------ Recorded information

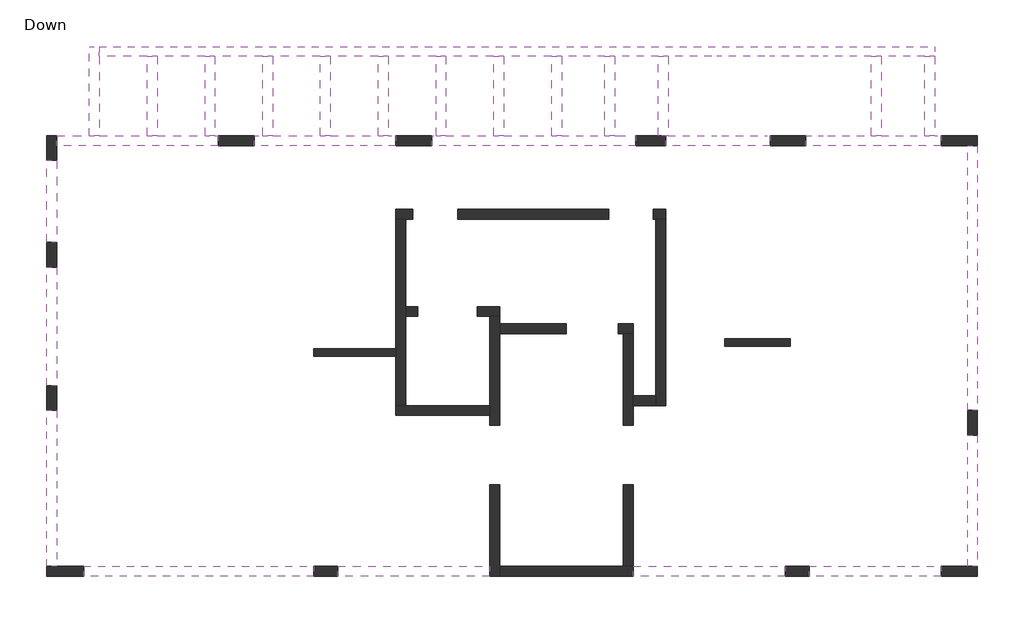
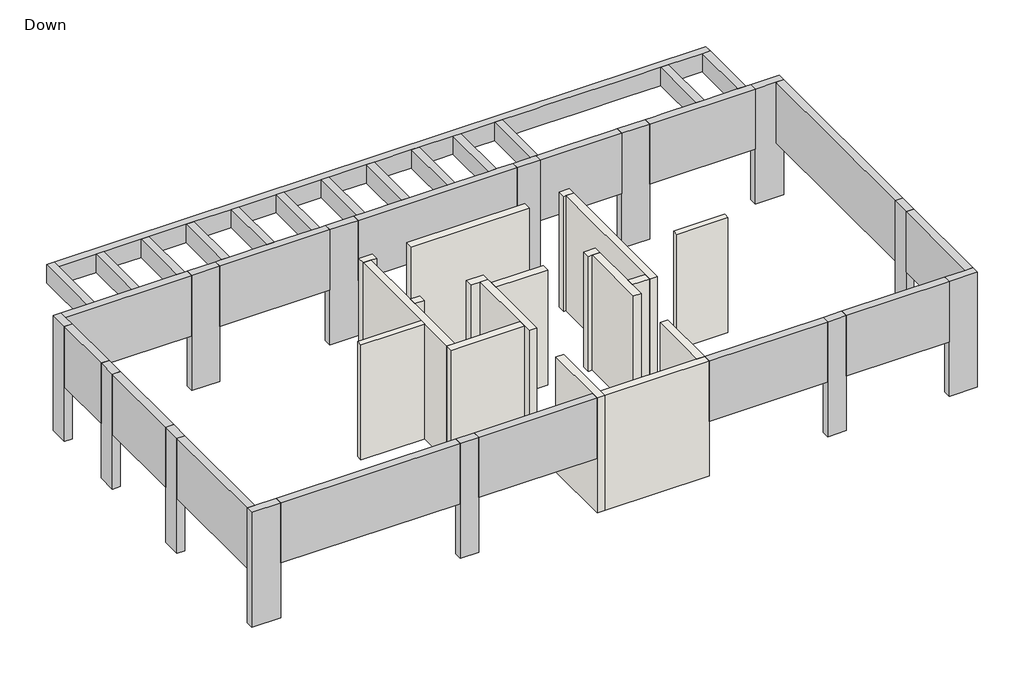
# One storey: 28 beams, 18 walls, 13 columns.
"""IFC4 building model written with IfcOpenShell, lengths in millimetres."""

from ifc_helpers import new_model, si_unit, frame, origin, origin_with_axes, place, context, project, spatial, polyline, outline, extrude, faceted_brep, element, save

model = new_model("IFC4")

# Units and contexts
model_context = context("Model", 3, world=origin())
ifc_project = project(units=[si_unit("LENGTHUNIT", "METRE", prefix="MILLI")], contexts=[model_context])

# Site, building, storey
site = spatial("IfcSite", under=ifc_project)
building = spatial("IfcBuilding", under=site)
storey = spatial("IfcBuildingStorey", under=building, Name="Down", Elevation=0.0)

# Beams
placement = place(None, origin())
element("IfcBeam", 1, ObjectType="Concrete Rectengular Beam : 20/165", at=placement, inside=storey, context=model_context, shape_type="SweptSolid", body=[
    extrude(outline(polyline([(-28799.0775982, 37234.7104697), (-28799.0775982, 37034.7104697), (-33449.2609999, 37034.7104697), (-33449.2609999, 37234.7104697), (-28799.0775982, 37234.7104697)])), frame((0.0, 0.0, 1500.0), z_axis=(0.0, 0.0, 1.0), x_axis=(1.0, 0.0, 0.0)), (0.0, 0.0, 1.0), 1650.0),
])
element("IfcBeam", 2, ObjectType="Concrete Rectengular Beam : 20/165", at=placement, inside=storey, context=model_context, shape_type="Brep", body=[
    faceted_brep([(-28319.0775982, 37234.7104697, 3150.0), (-28319.0775982, 37034.7104697, 3150.0), (-25248.1921114, 37034.7104697, 3150.0), (-25248.1921114, 37234.7104697, 3150.0), (-28319.0775982, 37034.7104697, 1500.0), (-25248.1921114, 37034.7104697, 1500.0), (-28319.0775982, 37234.7104697, 1500.0), (-25248.1921114, 37234.7104697, 1500.0), (-25248.1921114, 37234.7104697, 2950.0)], [[[0, 1, 2, 3]], [[1, 4, 5, 2]], [[4, 6, 7, 5]], [[6, 0, 3, 8, 7]], [[1, 0, 6, 4]], [[3, 2, 5, 7, 8]]]),
])
element("IfcBeam", 3, ObjectType="Concrete Rectengular Beam : 20/165", at=placement, inside=storey, context=model_context, shape_type="Brep", body=[
    faceted_brep([(-19279.0292046, 37034.7104697, 3150.0), (-19279.0292046, 37234.7104697, 3150.0), (-22348.1921114, 37234.7104697, 3150.0), (-22348.1921114, 37034.7104697, 3150.0), (-19279.0292046, 37034.7104697, 1500.0), (-22348.1921114, 37034.7104697, 1500.0), (-19279.0292046, 37234.7104697, 1500.0), (-22348.1921114, 37234.7104697, 1500.0), (-22348.1921114, 37234.7104697, 2950.0)], [[[0, 1, 2, 3]], [[4, 0, 3, 5]], [[6, 4, 5, 7]], [[1, 6, 7, 8, 2]], [[1, 0, 4, 6]], [[3, 2, 8, 7, 5]]]),
])
element("IfcBeam", 4, ObjectType="Concrete Rectengular Beam : 20/165", at=placement, inside=storey, context=model_context, shape_type="SweptSolid", body=[
    extrude(outline(polyline([(-16128.1921114, 37234.7104697), (-16128.1921114, 37034.7104697), (-18799.0292046, 37034.7104697), (-18799.0292046, 37234.7104697), (-16128.1921114, 37234.7104697)])), frame((0.0, 0.0, 1500.0), z_axis=(0.0, 0.0, 1.0), x_axis=(1.0, 0.0, 0.0)), (0.0, 0.0, 1.0), 1650.0),
])
element("IfcBeam", 5, ObjectType="Concrete Rectengular Beam : 20/165", at=placement, inside=storey, context=model_context, shape_type="Brep", body=[
    faceted_brep([(-15398.1921114, 39884.7076972, 3150.0), (-15598.1921114, 39884.7076972, 3150.0), (-15598.1921114, 37234.7104697, 3150.0), (-15398.1921114, 37234.7104697, 3150.0), (-15398.1921114, 39884.7076972, 1500.0), (-15398.1921114, 37234.7104697, 1500.0), (-15598.1921114, 39884.7076972, 1500.0), (-15598.1921114, 37234.7104697, 1500.0), (-15598.1921114, 37234.7104697, 2950.0)], [[[0, 1, 2, 3]], [[4, 0, 3, 5]], [[6, 4, 5, 7]], [[1, 6, 7, 8, 2]], [[1, 0, 4, 6]], [[3, 2, 8, 7, 5]]]),
])
element("IfcBeam", 6, ObjectType="Concrete Rectengular Beam : 20/165", at=placement, inside=storey, context=model_context, shape_type="Brep", body=[
    faceted_brep([(-15598.1921114, 40384.7076972, 3150.0), (-15398.1921114, 40384.7076972, 3150.0), (-15398.1921114, 45734.7104697, 3150.0), (-15598.1921114, 45734.7104697, 3150.0), (-15398.1921114, 40384.7076972, 1500.0), (-15398.1921114, 45734.7104697, 1500.0), (-15598.1921114, 40384.7076972, 1500.0), (-15598.1921114, 45734.7104697, 1500.0), (-15598.1921114, 45734.7104697, 2950.0)], [[[0, 1, 2, 3]], [[1, 4, 5, 2]], [[4, 6, 7, 5]], [[6, 0, 3, 8, 7]], [[1, 0, 6, 4]], [[3, 2, 5, 7, 8]]]),
])
element("IfcBeam", 7, ObjectType="Concrete Rectengular Beam : 20/165", at=placement, inside=storey, context=model_context, shape_type="Brep", body=[
    faceted_brep([(-16128.1921114, 45734.7104697, 3150.0), (-16128.1921114, 45934.7104697, 3150.0), (-16263.1921114, 45934.7104697, 3150.0), (-16463.1921114, 45934.7104697, 3150.0), (-17340.2921114, 45934.7104697, 3150.0), (-17540.2921114, 45934.7104697, 3150.0), (-18417.3921114, 45934.7104697, 3150.0), (-18617.3921114, 45934.7104697, 3150.0), (-18867.9882316, 45934.7104697, 3150.0), (-18867.9882316, 45734.7104697, 3150.0), (-16128.1921114, 45934.7104697, 1500.0), (-18867.9882316, 45934.7104697, 1500.0), (-16128.1921114, 45734.7104697, 1500.0), (-18867.9882316, 45734.7104697, 1500.0)], [[[0, 1, 2, 3, 4, 5, 6, 7, 8, 9]], [[1, 10, 11, 8, 7, 6, 5, 4, 3, 2]], [[10, 12, 13, 11]], [[12, 0, 9, 13]], [[1, 0, 12, 10]], [[9, 8, 11, 13]]]),
])
element("IfcBeam", 8, ObjectType="Concrete Rectengular Beam : 20/165", at=placement, inside=storey, context=model_context, shape_type="Brep", body=[
    faceted_brep([(-19587.9882316, 45734.7104697, 3150.0), (-19587.9882316, 45934.7104697, 3150.0), (-19694.4921114, 45934.7104697, 3150.0), (-20566.8921114, 45934.7104697, 3150.0), (-20766.8921114, 45934.7104697, 3150.0), (-21643.9921114, 45934.7104697, 3150.0), (-21697.8129925, 45934.7104697, 3150.0), (-21697.8129925, 45734.7104697, 3150.0), (-19587.9882316, 45934.7104697, 1500.0), (-21697.8129925, 45934.7104697, 1500.0), (-19587.9882316, 45734.7104697, 1500.0), (-21697.8129925, 45734.7104697, 1500.0)], [[[0, 1, 2, 3, 4, 5, 6, 7]], [[1, 8, 9, 6, 5, 4, 3, 2]], [[8, 10, 11, 9]], [[10, 0, 7, 11]], [[1, 0, 10, 8]], [[7, 6, 9, 11]]]),
])
element("IfcBeam", 9, ObjectType="Concrete Rectengular Beam : 20/165", at=placement, inside=storey, context=model_context, shape_type="Brep", body=[
    faceted_brep([(-26418.1921114, 45934.7104697, 3150.0), (-26418.1921114, 45734.7104697, 3150.0), (-22297.8129925, 45734.7104697, 3150.0), (-22297.8129925, 45934.7104697, 3150.0), (-22721.0921114, 45934.7104697, 3150.0), (-22921.0921114, 45934.7104697, 3150.0), (-23798.1921114, 45934.7104697, 3150.0), (-23998.1921114, 45934.7104697, 3150.0), (-24965.6921114, 45934.7104697, 3150.0), (-25165.6921114, 45934.7104697, 3150.0), (-26133.1921114, 45934.7104697, 3150.0), (-26333.1921114, 45934.7104697, 3150.0), (-26418.1921114, 45934.7104697, 1500.0), (-22297.8129925, 45934.7104697, 1500.0), (-26418.1921114, 45734.7104697, 1500.0), (-22297.8129925, 45734.7104697, 1500.0)], [[[0, 1, 2, 3, 4, 5, 6, 7, 8, 9, 10, 11]], [[12, 0, 11, 10, 9, 8, 7, 6, 5, 4, 3, 13]], [[14, 12, 13, 15]], [[1, 14, 15, 2]], [[1, 0, 12, 14]], [[3, 2, 15, 13]]]),
])
element("IfcBeam", 10, ObjectType="Concrete Rectengular Beam : 20/165", at=placement, inside=storey, context=model_context, shape_type="Brep", body=[
    faceted_brep([(-30003.1920714, 45934.7104697, 3150.0), (-30003.1920714, 45734.7104697, 3150.0), (-27148.1921114, 45734.7104697, 3150.0), (-27148.1921114, 45934.7104697, 3150.0), (-27300.6921114, 45934.7104697, 3150.0), (-27500.6921114, 45934.7104697, 3150.0), (-28468.1921114, 45934.7104697, 3150.0), (-28668.1921114, 45934.7104697, 3150.0), (-29630.6921114, 45934.7104697, 3150.0), (-29830.6921114, 45934.7104697, 3150.0), (-30003.1920714, 45934.7104697, 1500.0), (-27148.1921114, 45934.7104697, 1500.0), (-30003.1920714, 45734.7104697, 1500.0), (-27148.1921114, 45734.7104697, 1500.0)], [[[0, 1, 2, 3, 4, 5, 6, 7, 8, 9]], [[10, 0, 9, 8, 7, 6, 5, 4, 3, 11]], [[12, 10, 11, 13]], [[1, 12, 13, 2]], [[1, 0, 10, 12]], [[3, 2, 13, 11]]]),
])
element("IfcBeam", 11, ObjectType="Concrete Rectengular Beam : 20/165", at=placement, inside=storey, context=model_context, shape_type="Brep", body=[
    faceted_brep([(-33998.1921114, 45934.7104697, 3150.0), (-33998.1921114, 45734.7104697, 3150.0), (-30733.1920714, 45734.7104697, 3150.0), (-30733.1920714, 45934.7104697, 3150.0), (-30798.1921114, 45934.7104697, 3150.0), (-30998.1921114, 45934.7104697, 3150.0), (-31965.6921114, 45934.7104697, 3150.0), (-32165.6921114, 45934.7104697, 3150.0), (-33133.1921114, 45934.7104697, 3150.0), (-33333.1921114, 45934.7104697, 3150.0), (-33998.1921114, 45934.7104697, 1500.0), (-30733.1920714, 45934.7104697, 1500.0), (-33998.1921114, 45734.7104697, 1500.0), (-30733.1920714, 45734.7104697, 1500.0), (-33998.1921114, 45734.7104697, 2950.0)], [[[0, 1, 2, 3, 4, 5, 6, 7, 8, 9]], [[10, 0, 9, 8, 7, 6, 5, 4, 3, 11]], [[12, 10, 11, 13]], [[1, 14, 12, 13, 2]], [[1, 0, 10, 12, 14]], [[3, 2, 13, 11]]]),
])
element("IfcBeam", 12, ObjectType="Concrete Rectengular Beam : 20/165", at=placement, inside=storey, context=model_context, shape_type="SweptSolid", body=[
    extrude(outline(polyline([(-34198.1921114, 45434.7104697), (-33998.1921114, 45434.7104697), (-33998.1921114, 43778.8121651), (-34198.1921114, 43778.8121651), (-34198.1921114, 45434.7104697)])), frame((0.0, 0.0, 1500.0), z_axis=(0.0, 0.0, 1.0), x_axis=(1.0, 0.0, 0.0)), (0.0, 0.0, 1.0), 1650.0),
])
element("IfcBeam", 13, ObjectType="Concrete Rectengular Beam : 20/165", at=placement, inside=storey, context=model_context, shape_type="SweptSolid", body=[
    extrude(outline(polyline([(-34198.1921114, 43278.8121651), (-33998.1921114, 43278.8121651), (-33998.1921114, 40884.7121321), (-34198.1921114, 40884.7121321), (-34198.1921114, 43278.8121651)])), frame((0.0, 0.0, 1500.0), z_axis=(0.0, 0.0, 1.0), x_axis=(1.0, 0.0, 0.0)), (0.0, 0.0, 1.0), 1650.0),
])
element("IfcBeam", 14, ObjectType="Concrete Rectengular Beam : 20/165", at=placement, inside=storey, context=model_context, shape_type="Brep", body=[
    faceted_brep([(-33998.1921114, 40384.7121321, 3150.0), (-34198.1921114, 40384.7121321, 3150.0), (-34198.1921114, 37234.7104697, 3150.0), (-33998.1921114, 37234.7104697, 3150.0), (-34198.1921114, 40384.7121321, 1500.0), (-34198.1921114, 37234.7104697, 1500.0), (-33998.1921114, 40384.7121321, 1500.0), (-33998.1921114, 37234.7104697, 1500.0), (-33998.1921114, 37234.7104697, 2950.0)], [[[0, 1, 2, 3]], [[1, 4, 5, 2]], [[4, 6, 7, 5]], [[6, 0, 3, 8, 7]], [[1, 0, 6, 4]], [[3, 2, 5, 7, 8]]]),
])
element("IfcBeam", 15, ObjectType="Concrete Rectengular Beam : 20/50", at=placement, inside=storey, context=model_context, shape_type="Brep", body=[
    faceted_brep([(-33133.1921114, 47734.7104697, 3150.0), (-33333.1921114, 47734.7104697, 3150.0), (-33333.1921114, 45934.7104697, 3150.0), (-33133.1921114, 45934.7104697, 3150.0), (-33133.1921114, 47534.7104697, 3150.0), (-33133.1921114, 47734.7104697, 2650.0), (-33133.1921114, 45934.7104697, 2650.0), (-33133.1921114, 47534.7104697, 2650.0), (-33333.1921114, 47734.7104697, 2650.0), (-33333.1921114, 45934.7104697, 2650.0)], [[[0, 1, 2, 3, 4]], [[5, 0, 4, 3, 6, 7]], [[8, 5, 7, 6, 9]], [[1, 8, 9, 2]], [[3, 2, 9, 6]], [[1, 0, 5, 8]]]),
])
element("IfcBeam", 16, ObjectType="Concrete Rectengular Beam : 20/50", at=placement, inside=storey, context=model_context, shape_type="Brep", body=[
    faceted_brep([(-16263.1921114, 47534.7104697, 3150.0), (-16263.1921114, 47734.7104697, 3150.0), (-33133.1921114, 47734.7104697, 3150.0), (-33133.1921114, 47534.7104697, 3150.0), (-32165.6921114, 47534.7104697, 3150.0), (-31965.6921114, 47534.7104697, 3150.0), (-30998.1921114, 47534.7104697, 3150.0), (-30798.1921114, 47534.7104697, 3150.0), (-29830.6921114, 47534.7104697, 3150.0), (-29630.6921114, 47534.7104697, 3150.0), (-28668.1921114, 47534.7104697, 3150.0), (-28468.1921114, 47534.7104697, 3150.0), (-27500.6921114, 47534.7104697, 3150.0), (-27300.6921114, 47534.7104697, 3150.0), (-26333.1921114, 47534.7104697, 3150.0), (-26133.1921114, 47534.7104697, 3150.0), (-25165.6921114, 47534.7104697, 3150.0), (-24965.6921114, 47534.7104697, 3150.0), (-23998.1921114, 47534.7104697, 3150.0), (-23798.1921114, 47534.7104697, 3150.0), (-22921.0921114, 47534.7104697, 3150.0), (-22721.0921114, 47534.7104697, 3150.0), (-21843.9921114, 47534.7104697, 3150.0), (-21643.9921114, 47534.7104697, 3150.0), (-20766.8921114, 47534.7104697, 3150.0), (-20566.8921114, 47534.7104697, 3150.0), (-19694.4921114, 47534.7104697, 3150.0), (-19494.4921114, 47534.7104697, 3150.0), (-18617.3921114, 47534.7104697, 3150.0), (-18417.3921114, 47534.7104697, 3150.0), (-17540.2921114, 47534.7104697, 3150.0), (-17340.2921114, 47534.7104697, 3150.0), (-16463.1921114, 47534.7104697, 3150.0), (-16263.1921114, 47534.7104697, 2650.0), (-33133.1921114, 47534.7104697, 2650.0), (-32165.6921114, 47534.7104697, 2650.0), (-31965.6921114, 47534.7104697, 2650.0), (-30998.1921114, 47534.7104697, 2650.0), (-30798.1921114, 47534.7104697, 2650.0), (-29830.6921114, 47534.7104697, 2650.0), (-29630.6921114, 47534.7104697, 2650.0), (-28668.1921114, 47534.7104697, 2650.0), (-28468.1921114, 47534.7104697, 2650.0), (-27500.6921114, 47534.7104697, 2650.0), (-27300.6921114, 47534.7104697, 2650.0), (-26333.1921114, 47534.7104697, 2650.0), (-26133.1921114, 47534.7104697, 2650.0), (-25165.6921114, 47534.7104697, 2650.0), (-24965.6921114, 47534.7104697, 2650.0), (-23998.1921114, 47534.7104697, 2650.0), (-23798.1921114, 47534.7104697, 2650.0), (-22921.0921114, 47534.7104697, 2650.0), (-22721.0921114, 47534.7104697, 2650.0), (-21843.9921114, 47534.7104697, 2650.0), (-21643.9921114, 47534.7104697, 2650.0), (-20766.8921114, 47534.7104697, 2650.0), (-20566.8921114, 47534.7104697, 2650.0), (-19694.4921114, 47534.7104697, 2650.0), (-19494.4921114, 47534.7104697, 2650.0), (-18617.3921114, 47534.7104697, 2650.0), (-18417.3921114, 47534.7104697, 2650.0), (-17540.2921114, 47534.7104697, 2650.0), (-17340.2921114, 47534.7104697, 2650.0), (-16463.1921114, 47534.7104697, 2650.0), (-16263.1921114, 47734.7104697, 2650.0), (-33133.1921114, 47734.7104697, 2650.0)], [[[0, 1, 2, 3, 4, 5, 6, 7, 8, 9, 10, 11, 12, 13, 14, 15, 16, 17, 18, 19, 20, 21, 22, 23, 24, 25, 26, 27, 28, 29, 30, 31, 32]], [[33, 0, 32, 31, 30, 29, 28, 27, 26, 25, 24, 23, 22, 21, 20, 19, 18, 17, 16, 15, 14, 13, 12, 11, 10, 9, 8, 7, 6, 5, 4, 3, 34, 35, 36, 37, 38, 39, 40, 41, 42, 43, 44, 45, 46, 47, 48, 49, 50, 51, 52, 53, 54, 55, 56, 57, 58, 59, 60, 61, 62, 63]], [[64, 33, 63, 62, 61, 60, 59, 58, 57, 56, 55, 54, 53, 52, 51, 50, 49, 48, 47, 46, 45, 44, 43, 42, 41, 40, 39, 38, 37, 36, 35, 34, 65]], [[1, 64, 65, 2]], [[3, 2, 65, 34]], [[1, 0, 33, 64]]]),
])
element("IfcBeam", 17, ObjectType="Concrete Rectengular Beam : 20/50", at=placement, inside=storey, context=model_context, shape_type="SweptSolid", body=[
    extrude(outline(polyline([(-16463.1921114, 47534.7104697), (-16263.1921114, 47534.7104697), (-16263.1921114, 45934.7104697), (-16463.1921114, 45934.7104697), (-16463.1921114, 47534.7104697)])), frame((0.0, 0.0, 2650.0), z_axis=(0.0, 0.0, 1.0), x_axis=(1.0, 0.0, 0.0)), (0.0, 0.0, 1.0), 500.0),
])
element("IfcBeam", 18, ObjectType="Concrete Rectengular Beam : 20/50", at=placement, inside=storey, context=model_context, shape_type="SweptSolid", body=[
    extrude(outline(polyline([(-17540.2921114, 47534.7104697), (-17340.2921114, 47534.7104697), (-17340.2921114, 45934.7104697), (-17540.2921114, 45934.7104697), (-17540.2921114, 47534.7104697)])), frame((0.0, 0.0, 2650.0), z_axis=(0.0, 0.0, 1.0), x_axis=(1.0, 0.0, 0.0)), (0.0, 0.0, 1.0), 500.0),
])
element("IfcBeam", 19, ObjectType="Concrete Rectengular Beam : 20/50", at=placement, inside=storey, context=model_context, shape_type="Brep", body=[
    faceted_brep([(-21843.9921114, 45934.7104697, 3150.0), (-21697.8129925, 45934.7104697, 3150.0), (-21643.9921114, 45934.7104697, 3150.0), (-21643.9921114, 47534.7104697, 3150.0), (-21843.9921114, 47534.7104697, 3150.0), (-21843.9921114, 45934.7104697, 2650.0), (-21843.9921114, 47534.7104697, 2650.0), (-21643.9921114, 45934.7104697, 2650.0), (-21643.9921114, 47534.7104697, 2650.0)], [[[0, 1, 2, 3, 4]], [[5, 0, 4, 6]], [[7, 5, 6, 8]], [[2, 7, 8, 3]], [[2, 1, 0, 5, 7]], [[4, 3, 8, 6]]]),
])
element("IfcBeam", 20, ObjectType="Concrete Rectengular Beam : 20/50", at=placement, inside=storey, context=model_context, shape_type="SweptSolid", body=[
    extrude(outline(polyline([(-22921.0921114, 47534.7104697), (-22721.0921114, 47534.7104697), (-22721.0921114, 45934.7104697), (-22921.0921114, 45934.7104697), (-22921.0921114, 47534.7104697)])), frame((0.0, 0.0, 2650.0), z_axis=(0.0, 0.0, 1.0), x_axis=(1.0, 0.0, 0.0)), (0.0, 0.0, 1.0), 500.0),
])
element("IfcBeam", 21, ObjectType="Concrete Rectengular Beam : 20/50", at=placement, inside=storey, context=model_context, shape_type="SweptSolid", body=[
    extrude(outline(polyline([(-23798.1921114, 45934.7104697), (-23998.1921114, 45934.7104697), (-23998.1921114, 47534.7104697), (-23798.1921114, 47534.7104697), (-23798.1921114, 45934.7104697)])), frame((0.0, 0.0, 2650.0), z_axis=(0.0, 0.0, 1.0), x_axis=(1.0, 0.0, 0.0)), (0.0, 0.0, 1.0), 500.0),
])
element("IfcBeam", 22, ObjectType="Concrete Rectengular Beam : 20/50", at=placement, inside=storey, context=model_context, shape_type="SweptSolid", body=[
    extrude(outline(polyline([(-24965.6921114, 45934.7104697), (-25165.6921114, 45934.7104697), (-25165.6921114, 47534.7104697), (-24965.6921114, 47534.7104697), (-24965.6921114, 45934.7104697)])), frame((0.0, 0.0, 2650.0), z_axis=(0.0, 0.0, 1.0), x_axis=(1.0, 0.0, 0.0)), (0.0, 0.0, 1.0), 500.0),
])
element("IfcBeam", 23, ObjectType="Concrete Rectengular Beam : 20/50", at=placement, inside=storey, context=model_context, shape_type="SweptSolid", body=[
    extrude(outline(polyline([(-26133.1921114, 45934.7104697), (-26333.1921114, 45934.7104697), (-26333.1921114, 47534.7104697), (-26133.1921114, 47534.7104697), (-26133.1921114, 45934.7104697)])), frame((0.0, 0.0, 2650.0), z_axis=(0.0, 0.0, 1.0), x_axis=(1.0, 0.0, 0.0)), (0.0, 0.0, 1.0), 500.0),
])
element("IfcBeam", 24, ObjectType="Concrete Rectengular Beam : 20/50", at=placement, inside=storey, context=model_context, shape_type="SweptSolid", body=[
    extrude(outline(polyline([(-27500.6921114, 47534.7104697), (-27300.6921114, 47534.7104697), (-27300.6921114, 45934.7104697), (-27500.6921114, 45934.7104697), (-27500.6921114, 47534.7104697)])), frame((0.0, 0.0, 2650.0), z_axis=(0.0, 0.0, 1.0), x_axis=(1.0, 0.0, 0.0)), (0.0, 0.0, 1.0), 500.0),
])
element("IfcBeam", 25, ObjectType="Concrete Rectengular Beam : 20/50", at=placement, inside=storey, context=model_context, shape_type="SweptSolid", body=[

------------

• Task directions
With "building" as the string to look for, count the matching lines in the entries above and report only the number.

• Output of the exercise
4